Between 1975 and 1978, several hairless kittens were born to litters in Minnesota and Toronto, arising from natural spontaneous mutations. Those kittens, named Punkie, Paloma and Epidermis, were eventually crossed with Devon Rex, a breed with a fairly sparse, curled coat. Descendants of Prune were added to the mix. Today's Sphynx trace their ancestry back to these matings.
Because of their relative hairlessness, Sphynx cats are especially vulnerable to climatic changes – particularly to the extremes of heat and cold. They should not be allowed outdoors unattended in cold weather, as they have limited means to conserve body heat. They also are predisposed to becoming sunburned, especially on their lighter areas. Sphynx are prone to developing skin allergies and related lumps and bumps. If their skin is not cared for properly, they can develop a greasy detritus, which must be sponged and scraped away.

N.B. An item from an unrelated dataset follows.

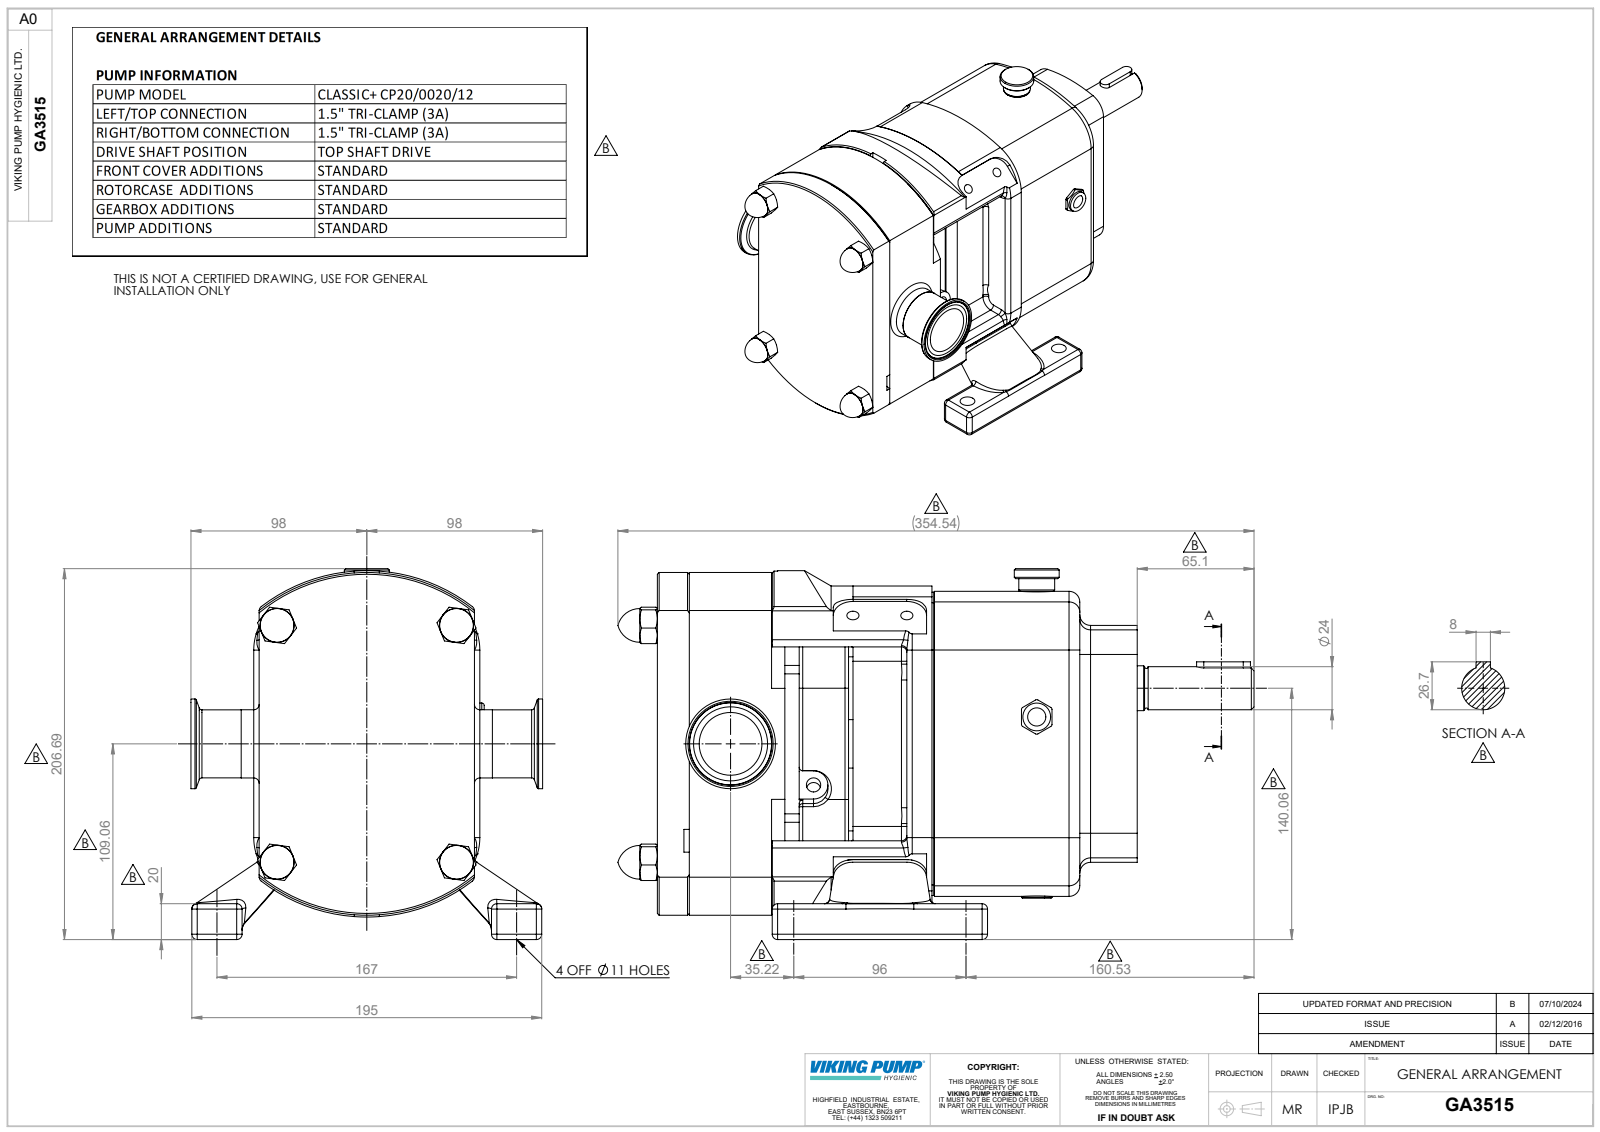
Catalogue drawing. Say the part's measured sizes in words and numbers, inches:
The part is named "Copy (2) of CP20-0020-12 H T^GA3515; Copy of Z94-5121-22 - 1.5 INCH^GA3515; GA3515". Its 3-D file was written by "SolidWorks 2023 (AUTOMOTIVE_DESIGN)". It is 3 solids with 827 faces: 253 planar, 284 cylindrical and 290 other. Overall it measures 13.958 by 8.137 by 7.717 inches. Its volume is 290.2 cubic inches and its surface area 461.8 square inches. Round holes: 4 of diameter 0.268, 4 of diameter 0.433, 3 of diameter 0.255, 2 of diameter 0.315, 1 of diameter 0.887, 1 of diameter 1.378. Round bosses or shafts: 2 of diameter 1.378, 2 of diameter 0.669, 1 of diameter 1.969, 1 of diameter 1.496, 1 of diameter 1.492, 1 of diameter 0.985, 1 of diameter 0.984, 1 of diameter 0.945. Partial cylindrical surfaces (rounded edges, fillets, slot ends): 55 of radius 0.118, 18 of radius 0.079, 16 of radius 0.039, 8 of radius 0.236, 8 of radius 0.437, 6 of radius 0.05, 6 of radius 0.157, 6 of radius 0.315. The main face-to-face distances are 4.724, 4.293, 6.236, 10.529, 0.984, 3.74, 0.798, 3.926, 0.186, 2.942. The hole center spacings are 2.114, 1.183, 3.636, 3.78, 6.576, 2.405, 6.264, 6.264.

The Sphynx has been referred to as "the ET of the cat world." This is an intelligent, inquisitive, extremely friendly breed that is unusually people-oriented. Sphynx commonly greet their owners (or any other person, for that matter) at the front door, with obvious excitement and happiness. Sphynx are not known to be particularly fond of dogs or other cats, preferring all the available attention for themselves, although many do bond well with other companion animals. This probably is not the best choice for a home with young children. Whether a person is fond of this bald wrinkled cat, or whether a person is less than enthusiastic about its appearance, everyone has a strong and memorable reaction to meeting their first Sphynx.
Sphynx are alert, agile, highly active cats. They are perfectly capable of entertaining themselves for hours on end. Some enjoy a good game of fetch or chase. Their lively antics are a constant source of entertainment for their owners, who refer to them as being "elf-like."
The Sphynx has a characteristic stance, where it holds one of its front paws up and tucked back under its belly. They do not especially like being carried or petted vigorously, although they do love to lay on laps, earning them the nickname "the velcro lap cat". Sphynx prefer to be on warm, soft surfaces rather than on the ground or floor. Common places to find these cats are on top of computer monitors, in sunny windows, on a television or tucked under a blanket. They are well known for sleeping with their owners under the covers, as they are perpetual heat-seeking. The natural curiosity of the Sphynx can lead it into potentially dangerous situations. They certainly should not be left unattended out of doors for any long period of time.